His finger slid down her cheek, trailing the freckles as he held her eyes.

“Whoever you are, whatever you are, Astra Leona, the gods did not craft you to hide in the shadow of night.”

And yet you deny me your own sunlight, she thought. Instead of confessing the feeling aloud, she sighed, his finger pausing at her chin as if to catch the whisper of her discontent.

“Astra!” Mirquios boomed across the street, his voice bouncing against the beige walls of his palace. She hadn’t even looked around. She was so entranced by the golden light of the Sun. They were perched atop a paved street on a hill, looking down at the rest of the city. Everything glowed in shades of sand and red clay.

Luxuros pushed her chin toward his king as if it was perfectly within the scope of his job to touch her like this.

The king stopped just short of them. “Whoa.”

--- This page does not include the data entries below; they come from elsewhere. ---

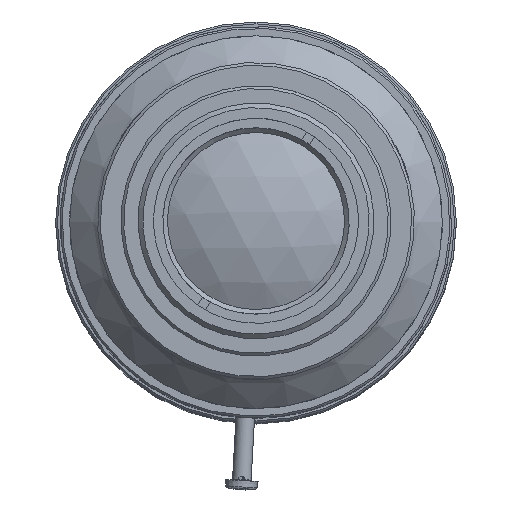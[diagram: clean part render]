
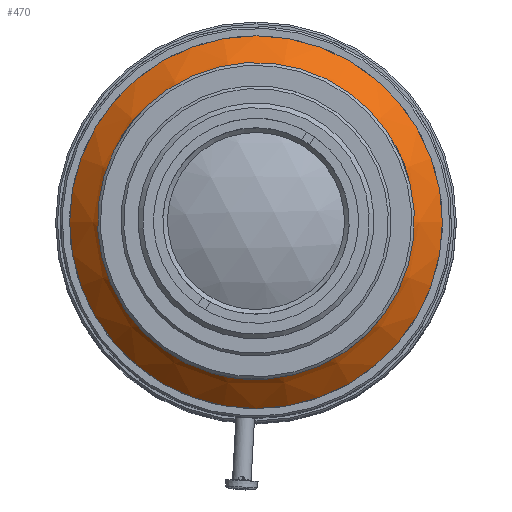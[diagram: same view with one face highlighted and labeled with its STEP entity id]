
A CAD part, top view. The second image highlights one B-rep face of the part: STEP entity #470.
In plain terms, the highlighted conical face has half-angle 45 degrees and reference radius 20 mm.
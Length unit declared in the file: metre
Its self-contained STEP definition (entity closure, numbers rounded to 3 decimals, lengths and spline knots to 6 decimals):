
#470=ADVANCED_FACE('NONE',(#1276,#1277),#1278,.T.);
#1276=FACE_OUTER_BOUND('',#2580,.T.);
#1277=FACE_BOUND('',#2581,.T.);
#1278=CONICAL_SURFACE('',#2582,0.02,0.785);
#2580=EDGE_LOOP('',(#6088));
#2581=EDGE_LOOP('',(#6089));
#2582=AXIS2_PLACEMENT_3D('',#6090,#6091,#6092);
#6088=ORIENTED_EDGE('',*,*,#8561,.F.);
#6089=ORIENTED_EDGE('',*,*,#8555,.T.);
#6090=CARTESIAN_POINT('',(0.000235,0.001945,0.02685));
#6091=DIRECTION('',(0.,-0.0,-1.0));
#6092=DIRECTION('',(-1.0,0.0,0.));
#8555=EDGE_CURVE('NONE',#9619,#9619,#9620,.T.);
#8561=EDGE_CURVE('NONE',#9629,#9629,#9630,.T.);
#9619=VERTEX_POINT('',#11198);
#9620=CIRCLE('',#11199,0.015);
#9629=VERTEX_POINT('',#11208);
#9630=CIRCLE('',#11209,0.02);
#11198=CARTESIAN_POINT('',(-0.014765,0.001945,0.03185));
#11199=AXIS2_PLACEMENT_3D('',#14600,#14601,#14602);
#11208=CARTESIAN_POINT('',(-0.019765,0.001945,0.02685));
#11209=AXIS2_PLACEMENT_3D('',#14612,#14613,#14614);
#14600=CARTESIAN_POINT('',(0.000235,0.001945,0.03185));
#14601=DIRECTION('',(0.,0.0,-1.0));
#14602=DIRECTION('',(-1.0,0.0,0.));
#14612=CARTESIAN_POINT('',(0.000235,0.001945,0.02685));
#14613=DIRECTION('',(0.,0.0,-1.0));
#14614=DIRECTION('',(-1.0,0.0,0.));
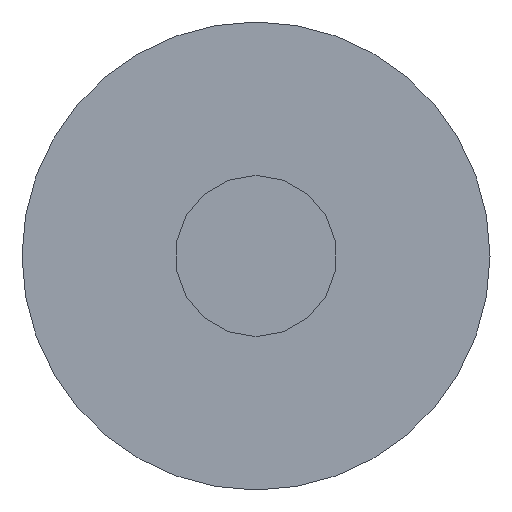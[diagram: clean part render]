
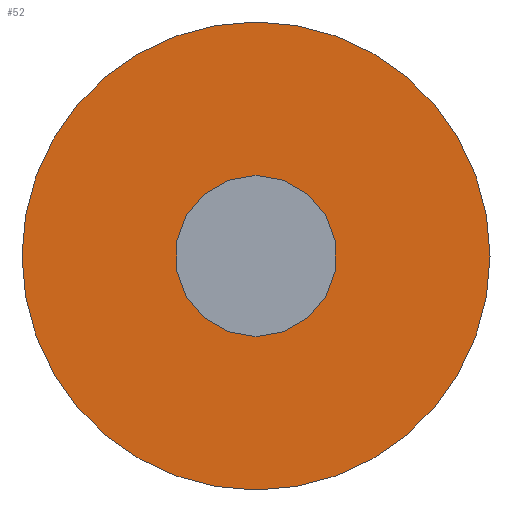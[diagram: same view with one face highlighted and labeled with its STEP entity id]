
A CAD part, left-side view. The second image highlights one B-rep face of the part: STEP entity #52.
In plain terms, the highlighted planar face has unit normal (1, 0, 0).
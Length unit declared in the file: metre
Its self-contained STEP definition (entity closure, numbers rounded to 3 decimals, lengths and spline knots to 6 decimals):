
#13=PLANE('',#65);
#19=ORIENTED_EDGE('',*,*,#21,.T.);
#20=ORIENTED_EDGE('',*,*,#23,.F.);
#21=EDGE_CURVE('NONE',#25,#25,#29,.T.);
#23=EDGE_CURVE('NONE',#27,#27,#31,.F.);
#25=VERTEX_POINT('',#87);
#27=VERTEX_POINT('',#92);
#29=CIRCLE('',#59,0.000508);
#31=CIRCLE('',#62,0.000175);
#38=EDGE_LOOP('',(#19));
#39=EDGE_LOOP('',(#20));
#45=FACE_BOUND('',#38,.T.);
#46=FACE_BOUND('',#39,.T.);
#52=ADVANCED_FACE('NONE',(#45,#46),#13,.T.);
#59=AXIS2_PLACEMENT_3D('',#86,#70,#71);
#62=AXIS2_PLACEMENT_3D('',#91,#76,#77);
#65=AXIS2_PLACEMENT_3D('',#96,#82,#83);
#70=DIRECTION('',(1.,0.,0.));
#71=DIRECTION('',(0.,0.,1.));
#76=DIRECTION('',(-1.,0.,0.));
#77=DIRECTION('',(0.,0.,-1.));
#82=DIRECTION('',(1.,0.,0.));
#83=DIRECTION('',(0.,-0.809,0.588));
#86=CARTESIAN_POINT('',(0.17689,-0.062416,0.000373));
#87=CARTESIAN_POINT('',(0.17689,-0.062416,0.000881));
#91=CARTESIAN_POINT('',(0.17689,-0.062416,0.000373));
#92=CARTESIAN_POINT('',(0.17689,-0.062416,0.000198));
#96=CARTESIAN_POINT('',(0.17689,-0.062416,0.000373));
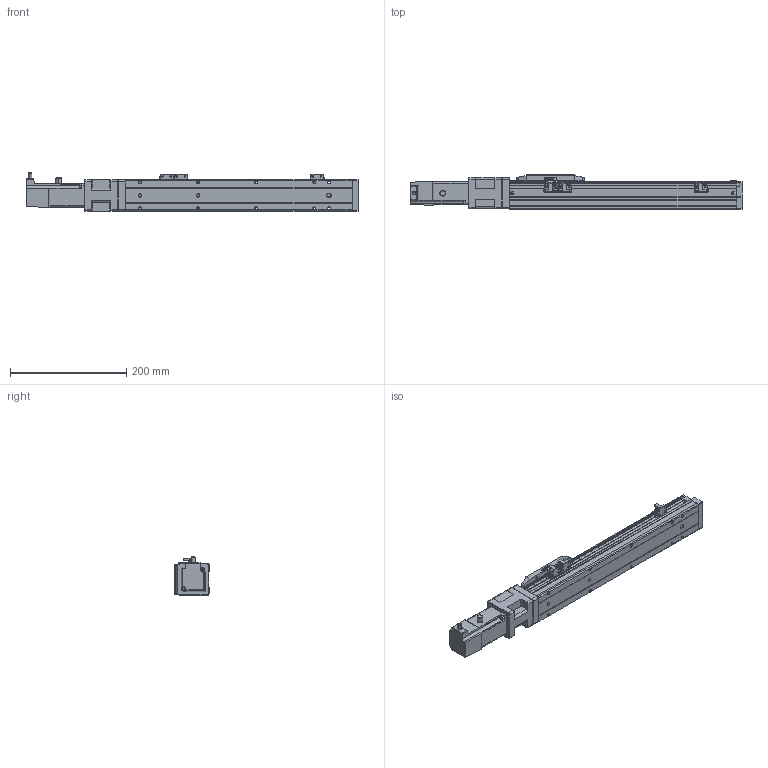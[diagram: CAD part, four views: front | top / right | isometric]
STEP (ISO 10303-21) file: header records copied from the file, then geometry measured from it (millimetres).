
FILE_DESCRIPTION (( 'STEP AP203' ), '1' );
FILE_NAME ('CTH5-L10-S250-BC-C10(¼ò).STEP', '2023-02-04T02:09:42', ( '' ), ( '' ), 'SwSTEP 2.0', 'SolidWorks 2018', '' );
FILE_SCHEMA (( 'CONFIG_CONTROL_DESIGN' ));
Length unit declared in the file: millimetre
Products named in the file (21): CTH5萇儂釱; CTH5萇儂釱欶; CTH5賑怢; CTH5耜晚蹟隊; hex nuts, style 1-grades ab gb_GB_FASTENER_NUT_SNAB1 M3-N; CTH5綴耜啣; CTH5-BC-03; 葩璃 蚾饜极13^CTH8-L10-S50-BM-C40(潠)1; CTH5耜晚蹟隊-1; CTH5ヶ耜啣(潠); T10-p1; M3; M3｡｣; 嫖萇羲壽郪磁1; PM-Y45; CTH5覜茼え; CTH5菁釱-L390; CTH5-L10-S250-BC-C10(潠); 内六角圆柱头螺钉M3-2; CTH嫖萇羲壽假蚾啣; 100W萇儂
Assembly tree (37 placements, depth 3):
  CTH5-L10-S250-BC-C10(潠)
    CTH5綴耜啣
    CTH5賑怢
    CTH5ヶ耜啣(潠)
    CTH5菁釱-L390
    CTH5耜晚蹟隊  x2
    CTH5萇儂釱
      CTH5-BC-03
    CTH5萇儂釱欶
    100W萇儂
      T10-p1
    嫖萇羲壽郪磁1  x2
      CTH嫖萇羲壽假蚾啣
      PM-Y45
      M3｡｣
      内六角圆柱头螺钉M3-2
      hex nuts, style 1-grades ab gb_GB_FASTENER_NUT_SNAB1 M3-N
    CTH5覜茼え
    葩璃 蚾饜极13^CTH8-L10-S50-BM-C40(潠)1
      CTH嫖萇羲壽假蚾啣
      PM-Y45
      内六角圆柱头螺钉M3-2  x2
      M3｡｣  x2
      hex nuts, style 1-grades ab gb_GB_FASTENER_NUT_SNAB1 M3-N  x2
    M3  x2
    CTH5耜晚蹟隊-1  x4
Bounding box: 571.1 x 60 x 65.7 mm (x, y, z)
Volume: 1199078 mm3; surface area: 193453.3 mm2
Topology: 40 solids, 40 shells, 1503 faces, 3744 edges, 2418 vertices
Faces by surface type: plane 848, cylinder 434, cone 159, torus 44, bspline 18
Entity records: 33441 total; most frequent: CARTESIAN_POINT 6132, DIRECTION 5260, ORIENTED_EDGE 5036, EDGE_CURVE 2518, AXIS2_PLACEMENT_3D 1805, VECTOR 1650, LINE 1650, VERTEX_POINT 1624
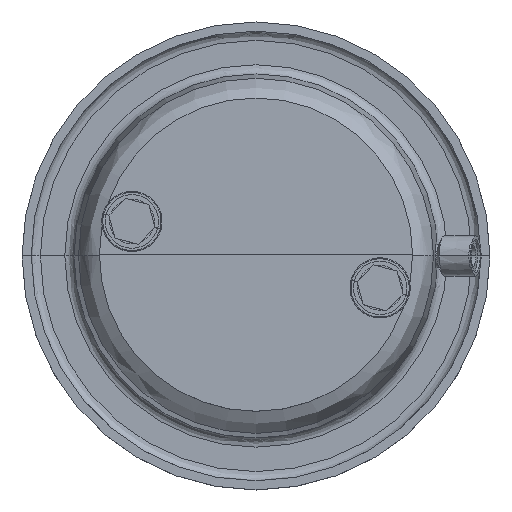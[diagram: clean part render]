
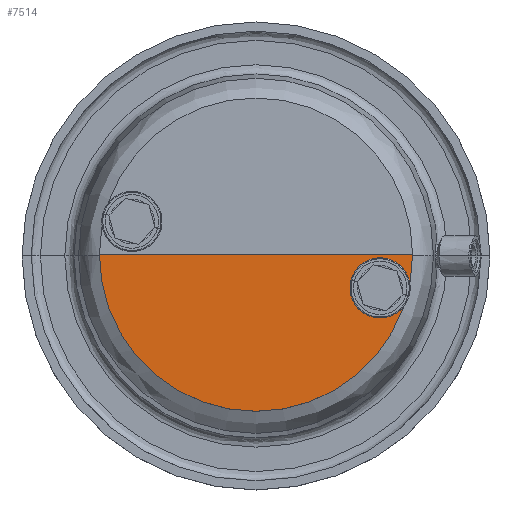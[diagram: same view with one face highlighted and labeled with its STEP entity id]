
A CAD part, top view. The second image highlights one B-rep face of the part: STEP entity #7514.
In plain terms, the highlighted planar face has unit normal (0, 0, 1).
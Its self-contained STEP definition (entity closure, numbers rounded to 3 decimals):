
#525=LINE('',#14494,#893);
#893=VECTOR('',#10075,304.8);
#1514=FACE_OUTER_BOUND('',#2050,.T.);
#2050=EDGE_LOOP('',(#5608,#5609));
#2669=CIRCLE('',#8352,85.362);
#3229=VERTEX_POINT('',#14491);
#3230=VERTEX_POINT('',#14492);
#4027=EDGE_CURVE('',#3230,#3229,#525,.T.);
#4028=EDGE_CURVE('',#3230,#3229,#2669,.T.);
#5608=ORIENTED_EDGE('',*,*,#4028,.T.);
#5609=ORIENTED_EDGE('',*,*,#4027,.F.);
#6620=PLANE('',#8351);
#7514=ADVANCED_FACE('',(#1514),#6620,.F.);
#8351=AXIS2_PLACEMENT_3D('',#14495,#10076,#10077);
#8352=AXIS2_PLACEMENT_3D('',#14496,#10078,#10079);
#10075=DIRECTION('',(1.,0.,0.));
#10076=DIRECTION('center_axis',(0.,0.,-1.));
#10077=DIRECTION('ref_axis',(-1.,0.,0.));
#10078=DIRECTION('center_axis',(0.,0.,1.));
#10079=DIRECTION('ref_axis',(-1.,0.,0.));
#14491=CARTESIAN_POINT('',(85.362,0.,566.029));
#14492=CARTESIAN_POINT('',(-85.362,0.,566.029));
#14494=CARTESIAN_POINT('',(-85.362,0.,566.029));
#14495=CARTESIAN_POINT('Origin',(0.,0.,566.029));
#14496=CARTESIAN_POINT('Origin',(0.,0.,566.029));

Lux dropped his finger, the print embedded in her skin in a sizzling scar no one would ever see. “That’s intriguing,” he whispered. “Who would have thought a Lunar princess would be even more beautiful in the Sun?”

“Perhaps I belong here, after all,” she suggested. She half-meant it.

Mirquios only smiled and gestured toward the street, unfurling before them. “Shall we?”

“Where are we heading?” Astra asked.

Lux flashed a devilish smile at his long-time companion, who mirrored his expression. She saw it then, the bond between them, a seal that blood couldn’t touch.

“No place fit for a princess,” the king said.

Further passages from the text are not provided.